Nuestras comunidades son mucho más receptivas a nuestros planteos, se multiplicaron con fuerza las experiencias concretas de organización para producir y acceder a alimentos sanos a precios justos, y tanta lucha ha logrado mover algunos engranajes en los distintos poderes del Estado y en distintos niveles.

La nueva administración nacional ha tenido una serie de gestos importantes de cara a los planteos que sostuvimos históricamente, y se espera su traducción en hechos concretos: en diciembre pasado el Foro Agrario les ha presentado los 21 puntos a los ministros entrantes. Se realizaron presentaciones en más de 10 provincias profundizando propuestas desde las particularidades territoriales y productivas. En muchas de ellas hay debates concretos alrededor de distintos aspectos del modelo agropecuario, y sectores de la política que durante mucho tiempo fueron refractarios empiezan a parar la oreja.

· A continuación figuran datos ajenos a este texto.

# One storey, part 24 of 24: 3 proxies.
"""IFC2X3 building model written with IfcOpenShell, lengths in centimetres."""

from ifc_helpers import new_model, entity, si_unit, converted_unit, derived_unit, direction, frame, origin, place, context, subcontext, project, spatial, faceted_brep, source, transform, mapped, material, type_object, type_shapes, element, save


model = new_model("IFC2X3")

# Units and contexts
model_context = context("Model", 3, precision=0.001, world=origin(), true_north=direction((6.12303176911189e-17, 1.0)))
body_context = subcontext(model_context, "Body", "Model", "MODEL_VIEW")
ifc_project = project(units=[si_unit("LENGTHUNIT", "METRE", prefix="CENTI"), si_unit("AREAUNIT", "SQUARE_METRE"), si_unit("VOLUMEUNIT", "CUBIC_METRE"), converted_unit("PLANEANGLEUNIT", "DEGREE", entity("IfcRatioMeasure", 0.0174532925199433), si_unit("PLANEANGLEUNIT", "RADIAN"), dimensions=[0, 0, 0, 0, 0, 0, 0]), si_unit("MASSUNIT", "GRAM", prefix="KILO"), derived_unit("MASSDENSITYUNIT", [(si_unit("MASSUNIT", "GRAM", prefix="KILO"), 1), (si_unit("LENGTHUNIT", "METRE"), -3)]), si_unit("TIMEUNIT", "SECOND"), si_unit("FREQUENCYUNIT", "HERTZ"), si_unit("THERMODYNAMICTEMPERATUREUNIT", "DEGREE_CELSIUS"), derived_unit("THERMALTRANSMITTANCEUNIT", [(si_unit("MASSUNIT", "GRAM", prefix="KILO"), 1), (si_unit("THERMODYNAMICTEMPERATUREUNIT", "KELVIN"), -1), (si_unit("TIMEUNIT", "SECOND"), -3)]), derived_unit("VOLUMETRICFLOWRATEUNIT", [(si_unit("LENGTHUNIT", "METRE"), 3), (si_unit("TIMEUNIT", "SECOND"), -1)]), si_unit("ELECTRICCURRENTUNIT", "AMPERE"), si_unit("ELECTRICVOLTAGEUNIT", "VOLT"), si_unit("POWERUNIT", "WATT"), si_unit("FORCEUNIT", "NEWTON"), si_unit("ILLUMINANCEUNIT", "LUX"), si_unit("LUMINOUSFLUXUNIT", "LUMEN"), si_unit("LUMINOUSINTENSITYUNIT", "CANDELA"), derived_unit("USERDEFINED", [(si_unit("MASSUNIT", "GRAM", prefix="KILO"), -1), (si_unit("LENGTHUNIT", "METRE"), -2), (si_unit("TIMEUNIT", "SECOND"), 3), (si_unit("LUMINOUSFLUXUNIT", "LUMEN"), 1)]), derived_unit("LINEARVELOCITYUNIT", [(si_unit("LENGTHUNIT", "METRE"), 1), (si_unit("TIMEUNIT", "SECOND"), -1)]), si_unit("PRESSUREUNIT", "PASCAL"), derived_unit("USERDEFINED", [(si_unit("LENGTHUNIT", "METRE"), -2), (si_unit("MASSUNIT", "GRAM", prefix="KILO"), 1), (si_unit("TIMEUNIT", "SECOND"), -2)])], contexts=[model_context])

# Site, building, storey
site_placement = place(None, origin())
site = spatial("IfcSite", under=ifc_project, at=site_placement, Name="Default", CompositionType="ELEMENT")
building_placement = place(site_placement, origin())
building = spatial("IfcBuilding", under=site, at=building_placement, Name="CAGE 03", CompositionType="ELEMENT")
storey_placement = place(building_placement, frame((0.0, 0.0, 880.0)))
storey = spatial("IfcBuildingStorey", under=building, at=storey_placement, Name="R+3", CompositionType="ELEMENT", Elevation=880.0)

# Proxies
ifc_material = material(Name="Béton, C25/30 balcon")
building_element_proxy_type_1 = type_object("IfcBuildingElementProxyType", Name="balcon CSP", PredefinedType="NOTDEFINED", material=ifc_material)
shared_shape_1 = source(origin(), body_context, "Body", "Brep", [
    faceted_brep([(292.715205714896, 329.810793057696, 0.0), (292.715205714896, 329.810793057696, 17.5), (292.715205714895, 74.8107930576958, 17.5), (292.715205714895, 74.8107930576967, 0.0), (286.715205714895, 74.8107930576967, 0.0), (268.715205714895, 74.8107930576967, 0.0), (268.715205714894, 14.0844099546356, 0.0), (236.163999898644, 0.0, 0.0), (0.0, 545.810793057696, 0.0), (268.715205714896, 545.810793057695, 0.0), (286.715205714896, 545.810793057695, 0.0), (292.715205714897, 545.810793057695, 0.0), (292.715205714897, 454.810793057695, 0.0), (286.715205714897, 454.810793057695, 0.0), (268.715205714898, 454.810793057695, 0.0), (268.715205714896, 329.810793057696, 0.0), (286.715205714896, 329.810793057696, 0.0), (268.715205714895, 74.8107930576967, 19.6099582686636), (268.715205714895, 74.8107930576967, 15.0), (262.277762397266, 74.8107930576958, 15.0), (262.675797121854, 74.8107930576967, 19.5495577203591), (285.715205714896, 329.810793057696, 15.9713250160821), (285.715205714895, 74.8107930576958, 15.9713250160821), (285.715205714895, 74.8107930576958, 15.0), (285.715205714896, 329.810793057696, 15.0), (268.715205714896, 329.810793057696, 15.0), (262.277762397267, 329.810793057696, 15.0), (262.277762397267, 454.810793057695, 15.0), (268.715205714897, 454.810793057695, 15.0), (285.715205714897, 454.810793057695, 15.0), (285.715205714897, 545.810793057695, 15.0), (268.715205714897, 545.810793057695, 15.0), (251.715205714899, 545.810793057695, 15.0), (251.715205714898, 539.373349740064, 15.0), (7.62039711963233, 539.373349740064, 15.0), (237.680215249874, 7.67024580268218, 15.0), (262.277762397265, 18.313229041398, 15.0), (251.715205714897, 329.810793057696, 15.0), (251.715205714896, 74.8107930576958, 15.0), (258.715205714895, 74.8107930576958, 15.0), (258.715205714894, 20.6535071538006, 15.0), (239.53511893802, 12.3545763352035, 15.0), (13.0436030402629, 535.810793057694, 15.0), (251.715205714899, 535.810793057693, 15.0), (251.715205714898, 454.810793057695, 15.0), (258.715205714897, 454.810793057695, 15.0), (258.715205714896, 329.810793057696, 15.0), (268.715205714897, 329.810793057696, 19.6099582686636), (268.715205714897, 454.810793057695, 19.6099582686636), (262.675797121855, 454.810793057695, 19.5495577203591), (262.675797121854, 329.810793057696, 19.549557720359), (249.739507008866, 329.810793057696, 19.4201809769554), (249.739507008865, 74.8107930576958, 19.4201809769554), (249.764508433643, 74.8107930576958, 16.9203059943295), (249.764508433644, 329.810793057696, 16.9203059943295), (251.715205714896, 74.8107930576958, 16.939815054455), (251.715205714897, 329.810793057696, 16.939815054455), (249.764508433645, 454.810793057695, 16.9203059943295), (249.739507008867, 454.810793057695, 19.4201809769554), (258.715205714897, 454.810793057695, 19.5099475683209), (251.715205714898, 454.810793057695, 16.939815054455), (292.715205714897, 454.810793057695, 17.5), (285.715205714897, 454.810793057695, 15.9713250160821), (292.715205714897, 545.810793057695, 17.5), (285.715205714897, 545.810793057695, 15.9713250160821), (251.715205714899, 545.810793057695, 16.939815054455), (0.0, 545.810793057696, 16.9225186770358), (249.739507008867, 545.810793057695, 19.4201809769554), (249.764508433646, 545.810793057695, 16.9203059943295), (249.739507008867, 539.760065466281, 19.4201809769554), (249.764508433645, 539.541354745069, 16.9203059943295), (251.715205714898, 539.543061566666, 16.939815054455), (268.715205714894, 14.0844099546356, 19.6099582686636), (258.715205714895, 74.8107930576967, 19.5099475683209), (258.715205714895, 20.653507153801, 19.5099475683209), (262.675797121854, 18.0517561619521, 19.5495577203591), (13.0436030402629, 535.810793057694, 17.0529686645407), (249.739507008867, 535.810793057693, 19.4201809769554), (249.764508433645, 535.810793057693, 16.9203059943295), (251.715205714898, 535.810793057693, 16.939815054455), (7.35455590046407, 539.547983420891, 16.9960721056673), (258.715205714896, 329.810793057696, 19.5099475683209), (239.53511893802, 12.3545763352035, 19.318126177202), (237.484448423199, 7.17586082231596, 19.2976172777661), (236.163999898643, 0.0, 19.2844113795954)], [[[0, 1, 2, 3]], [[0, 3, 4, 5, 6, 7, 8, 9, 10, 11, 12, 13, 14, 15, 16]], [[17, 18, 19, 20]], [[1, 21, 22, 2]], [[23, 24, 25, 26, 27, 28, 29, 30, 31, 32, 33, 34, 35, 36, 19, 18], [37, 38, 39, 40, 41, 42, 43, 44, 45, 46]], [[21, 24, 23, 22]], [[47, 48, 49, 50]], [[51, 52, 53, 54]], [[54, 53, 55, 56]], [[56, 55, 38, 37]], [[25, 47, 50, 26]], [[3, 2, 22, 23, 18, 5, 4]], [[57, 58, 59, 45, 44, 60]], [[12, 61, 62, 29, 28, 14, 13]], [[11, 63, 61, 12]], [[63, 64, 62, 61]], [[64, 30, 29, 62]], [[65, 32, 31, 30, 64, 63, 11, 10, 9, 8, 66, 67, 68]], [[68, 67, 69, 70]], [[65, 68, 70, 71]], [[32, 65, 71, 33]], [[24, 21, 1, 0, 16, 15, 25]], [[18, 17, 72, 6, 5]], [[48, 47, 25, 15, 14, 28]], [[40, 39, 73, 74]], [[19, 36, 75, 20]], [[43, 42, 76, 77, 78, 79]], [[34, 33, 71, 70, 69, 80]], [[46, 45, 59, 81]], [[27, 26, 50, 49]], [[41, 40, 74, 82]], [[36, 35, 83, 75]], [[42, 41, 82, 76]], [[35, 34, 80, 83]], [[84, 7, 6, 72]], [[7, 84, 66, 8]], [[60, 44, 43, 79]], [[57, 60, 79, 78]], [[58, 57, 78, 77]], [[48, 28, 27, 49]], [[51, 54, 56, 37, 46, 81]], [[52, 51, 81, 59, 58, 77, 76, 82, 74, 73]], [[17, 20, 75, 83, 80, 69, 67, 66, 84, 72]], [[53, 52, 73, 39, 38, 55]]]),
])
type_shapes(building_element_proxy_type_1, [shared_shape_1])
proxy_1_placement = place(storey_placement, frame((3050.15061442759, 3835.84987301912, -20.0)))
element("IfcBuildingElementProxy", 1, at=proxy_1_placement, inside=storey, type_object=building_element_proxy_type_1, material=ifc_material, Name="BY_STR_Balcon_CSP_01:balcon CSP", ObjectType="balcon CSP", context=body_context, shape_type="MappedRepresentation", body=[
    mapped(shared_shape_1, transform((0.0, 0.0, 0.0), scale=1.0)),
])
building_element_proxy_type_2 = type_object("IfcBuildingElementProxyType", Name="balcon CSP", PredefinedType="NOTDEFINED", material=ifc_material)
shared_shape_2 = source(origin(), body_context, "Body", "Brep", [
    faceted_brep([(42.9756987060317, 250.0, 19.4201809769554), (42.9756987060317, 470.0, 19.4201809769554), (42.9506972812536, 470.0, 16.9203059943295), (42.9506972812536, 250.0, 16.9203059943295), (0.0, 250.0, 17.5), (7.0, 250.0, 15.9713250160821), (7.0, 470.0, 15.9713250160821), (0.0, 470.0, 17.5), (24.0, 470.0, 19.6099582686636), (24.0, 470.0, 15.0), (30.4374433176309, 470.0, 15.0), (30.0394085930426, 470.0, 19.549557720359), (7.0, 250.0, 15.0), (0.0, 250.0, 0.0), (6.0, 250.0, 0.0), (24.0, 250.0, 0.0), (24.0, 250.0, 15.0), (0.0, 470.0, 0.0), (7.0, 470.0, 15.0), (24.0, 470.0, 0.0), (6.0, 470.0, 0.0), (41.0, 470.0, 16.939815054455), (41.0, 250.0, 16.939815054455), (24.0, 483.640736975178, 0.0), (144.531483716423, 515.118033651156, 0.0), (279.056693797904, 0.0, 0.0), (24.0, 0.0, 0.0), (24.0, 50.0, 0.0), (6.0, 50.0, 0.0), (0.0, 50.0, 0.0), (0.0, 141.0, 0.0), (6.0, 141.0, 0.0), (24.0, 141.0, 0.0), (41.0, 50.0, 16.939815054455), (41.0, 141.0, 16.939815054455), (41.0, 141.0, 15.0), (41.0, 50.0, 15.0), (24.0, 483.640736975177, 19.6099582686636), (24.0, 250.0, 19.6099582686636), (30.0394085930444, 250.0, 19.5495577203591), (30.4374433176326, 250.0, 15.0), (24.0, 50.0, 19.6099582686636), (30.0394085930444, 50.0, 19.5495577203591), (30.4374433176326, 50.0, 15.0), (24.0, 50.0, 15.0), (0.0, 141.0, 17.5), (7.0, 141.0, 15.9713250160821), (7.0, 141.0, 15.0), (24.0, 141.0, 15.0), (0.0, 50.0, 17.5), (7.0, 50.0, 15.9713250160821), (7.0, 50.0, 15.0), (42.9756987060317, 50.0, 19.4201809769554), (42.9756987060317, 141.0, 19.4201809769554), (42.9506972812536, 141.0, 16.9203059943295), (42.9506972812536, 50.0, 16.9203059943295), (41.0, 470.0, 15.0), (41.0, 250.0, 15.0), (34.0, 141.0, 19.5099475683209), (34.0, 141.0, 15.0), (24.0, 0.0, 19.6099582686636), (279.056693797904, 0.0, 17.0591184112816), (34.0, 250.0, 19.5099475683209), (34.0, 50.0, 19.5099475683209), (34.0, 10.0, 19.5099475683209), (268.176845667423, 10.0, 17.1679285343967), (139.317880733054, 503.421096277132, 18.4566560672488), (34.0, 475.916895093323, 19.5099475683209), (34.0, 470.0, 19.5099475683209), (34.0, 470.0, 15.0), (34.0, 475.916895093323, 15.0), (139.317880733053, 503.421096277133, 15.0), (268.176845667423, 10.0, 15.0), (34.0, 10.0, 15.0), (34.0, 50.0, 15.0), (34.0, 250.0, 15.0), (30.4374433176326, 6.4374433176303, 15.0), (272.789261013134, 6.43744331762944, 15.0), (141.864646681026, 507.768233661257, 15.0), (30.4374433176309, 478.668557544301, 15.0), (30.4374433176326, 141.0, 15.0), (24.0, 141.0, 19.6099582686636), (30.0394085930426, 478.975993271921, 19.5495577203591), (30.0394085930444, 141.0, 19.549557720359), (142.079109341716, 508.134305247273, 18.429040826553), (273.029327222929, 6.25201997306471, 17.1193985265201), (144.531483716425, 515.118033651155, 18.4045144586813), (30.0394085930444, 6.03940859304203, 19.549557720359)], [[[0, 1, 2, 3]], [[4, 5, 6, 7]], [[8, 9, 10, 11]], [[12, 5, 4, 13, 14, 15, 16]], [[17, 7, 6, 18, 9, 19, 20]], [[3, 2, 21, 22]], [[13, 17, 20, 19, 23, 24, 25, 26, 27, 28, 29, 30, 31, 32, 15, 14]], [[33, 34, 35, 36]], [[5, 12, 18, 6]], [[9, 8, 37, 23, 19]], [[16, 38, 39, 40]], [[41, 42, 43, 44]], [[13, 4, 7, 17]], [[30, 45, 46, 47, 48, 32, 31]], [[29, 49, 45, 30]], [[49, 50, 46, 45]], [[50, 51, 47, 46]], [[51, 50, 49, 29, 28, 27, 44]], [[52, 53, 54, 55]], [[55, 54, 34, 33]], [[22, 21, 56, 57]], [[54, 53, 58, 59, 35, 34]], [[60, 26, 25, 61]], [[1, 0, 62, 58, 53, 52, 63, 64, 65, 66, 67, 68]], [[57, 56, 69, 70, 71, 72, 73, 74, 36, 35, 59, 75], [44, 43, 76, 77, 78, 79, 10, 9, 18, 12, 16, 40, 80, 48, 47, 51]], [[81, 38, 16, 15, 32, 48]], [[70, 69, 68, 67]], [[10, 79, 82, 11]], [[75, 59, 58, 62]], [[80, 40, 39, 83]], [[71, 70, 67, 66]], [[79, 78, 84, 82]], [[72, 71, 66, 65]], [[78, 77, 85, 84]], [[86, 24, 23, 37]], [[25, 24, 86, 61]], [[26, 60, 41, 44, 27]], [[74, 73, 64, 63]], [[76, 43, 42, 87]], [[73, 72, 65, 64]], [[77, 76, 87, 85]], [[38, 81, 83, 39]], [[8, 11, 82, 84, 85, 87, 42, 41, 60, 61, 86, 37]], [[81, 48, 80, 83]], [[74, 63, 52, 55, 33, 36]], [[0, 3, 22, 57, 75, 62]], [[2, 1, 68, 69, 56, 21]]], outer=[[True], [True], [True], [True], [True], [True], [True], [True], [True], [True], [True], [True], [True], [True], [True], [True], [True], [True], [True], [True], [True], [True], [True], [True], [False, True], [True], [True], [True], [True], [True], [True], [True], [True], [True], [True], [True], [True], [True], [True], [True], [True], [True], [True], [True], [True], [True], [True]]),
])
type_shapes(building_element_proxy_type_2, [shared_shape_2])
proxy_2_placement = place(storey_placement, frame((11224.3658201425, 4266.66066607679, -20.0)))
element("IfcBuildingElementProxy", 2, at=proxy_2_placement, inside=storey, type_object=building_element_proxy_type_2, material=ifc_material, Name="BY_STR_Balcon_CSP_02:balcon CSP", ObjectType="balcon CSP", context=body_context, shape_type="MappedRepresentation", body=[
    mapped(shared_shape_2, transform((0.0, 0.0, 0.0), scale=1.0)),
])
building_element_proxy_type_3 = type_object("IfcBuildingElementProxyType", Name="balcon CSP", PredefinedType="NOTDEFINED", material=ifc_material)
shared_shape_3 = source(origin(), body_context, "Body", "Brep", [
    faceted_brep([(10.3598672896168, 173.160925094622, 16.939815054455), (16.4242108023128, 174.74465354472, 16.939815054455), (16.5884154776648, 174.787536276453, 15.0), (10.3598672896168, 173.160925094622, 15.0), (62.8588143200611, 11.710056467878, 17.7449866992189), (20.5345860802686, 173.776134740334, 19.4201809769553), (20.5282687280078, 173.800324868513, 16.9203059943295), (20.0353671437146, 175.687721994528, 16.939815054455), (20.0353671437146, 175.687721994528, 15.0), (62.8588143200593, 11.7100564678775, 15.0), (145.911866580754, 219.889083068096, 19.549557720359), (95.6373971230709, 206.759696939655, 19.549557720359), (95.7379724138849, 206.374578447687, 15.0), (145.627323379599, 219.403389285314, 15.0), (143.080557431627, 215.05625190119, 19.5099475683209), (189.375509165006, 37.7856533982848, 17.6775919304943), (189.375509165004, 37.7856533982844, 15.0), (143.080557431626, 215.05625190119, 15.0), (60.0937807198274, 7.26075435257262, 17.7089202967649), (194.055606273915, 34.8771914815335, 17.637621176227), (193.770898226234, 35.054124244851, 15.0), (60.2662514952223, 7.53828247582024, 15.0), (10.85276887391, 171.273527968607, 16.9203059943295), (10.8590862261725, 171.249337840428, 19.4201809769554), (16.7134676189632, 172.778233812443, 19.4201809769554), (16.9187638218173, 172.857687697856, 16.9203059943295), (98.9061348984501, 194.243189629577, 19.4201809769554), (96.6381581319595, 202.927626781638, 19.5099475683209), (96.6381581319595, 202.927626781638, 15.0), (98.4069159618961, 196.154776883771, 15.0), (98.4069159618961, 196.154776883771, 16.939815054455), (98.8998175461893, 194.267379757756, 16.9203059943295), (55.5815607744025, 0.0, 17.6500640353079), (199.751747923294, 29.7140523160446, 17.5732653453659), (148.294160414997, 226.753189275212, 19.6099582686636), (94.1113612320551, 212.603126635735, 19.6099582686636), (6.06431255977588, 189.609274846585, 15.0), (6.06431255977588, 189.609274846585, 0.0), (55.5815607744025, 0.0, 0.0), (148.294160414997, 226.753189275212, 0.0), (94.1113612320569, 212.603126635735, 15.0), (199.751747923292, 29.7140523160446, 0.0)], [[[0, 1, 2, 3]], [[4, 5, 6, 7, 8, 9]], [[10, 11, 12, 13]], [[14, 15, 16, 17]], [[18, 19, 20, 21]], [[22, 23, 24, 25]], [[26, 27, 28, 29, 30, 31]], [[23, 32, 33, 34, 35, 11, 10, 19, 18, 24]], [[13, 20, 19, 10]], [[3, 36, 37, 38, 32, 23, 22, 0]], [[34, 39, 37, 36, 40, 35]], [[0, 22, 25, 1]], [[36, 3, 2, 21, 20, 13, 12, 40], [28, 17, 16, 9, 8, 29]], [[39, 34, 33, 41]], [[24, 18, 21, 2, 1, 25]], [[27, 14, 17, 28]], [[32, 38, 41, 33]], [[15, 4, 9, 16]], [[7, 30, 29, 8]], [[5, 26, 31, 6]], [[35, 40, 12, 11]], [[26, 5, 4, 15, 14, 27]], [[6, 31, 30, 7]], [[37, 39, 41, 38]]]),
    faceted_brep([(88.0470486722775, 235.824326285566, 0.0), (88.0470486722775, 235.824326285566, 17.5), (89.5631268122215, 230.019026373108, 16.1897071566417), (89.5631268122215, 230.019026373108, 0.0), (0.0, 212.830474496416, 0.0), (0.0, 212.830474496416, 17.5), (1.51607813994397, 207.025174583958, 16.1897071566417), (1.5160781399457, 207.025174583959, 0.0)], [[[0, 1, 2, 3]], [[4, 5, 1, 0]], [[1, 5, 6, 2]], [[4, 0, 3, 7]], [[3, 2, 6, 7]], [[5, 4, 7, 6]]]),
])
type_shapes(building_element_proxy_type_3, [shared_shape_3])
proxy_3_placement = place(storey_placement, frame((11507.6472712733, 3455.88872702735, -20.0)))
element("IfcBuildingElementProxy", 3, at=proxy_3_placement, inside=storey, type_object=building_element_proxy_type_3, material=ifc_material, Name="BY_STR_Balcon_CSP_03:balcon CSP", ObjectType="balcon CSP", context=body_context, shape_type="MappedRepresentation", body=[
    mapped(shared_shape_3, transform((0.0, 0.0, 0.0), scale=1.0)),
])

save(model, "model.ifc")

Desde estas páginas venimos abordando esta complejidad en curso, pero no queríamos dejar pasar esta fecha para celebrarla; proponernos una mirada retrospectiva que nos permita balancear el camino y afrontar los desafíos por venir. Sostener con fuerza las posiciones; ganar la calle, tener la audacia de hacerlo, y buscar aliados, quizá sea lo que subrayamos con más énfasis porque aún en el contexto más oscuro, fue la clave para abrir horizontes nuevos.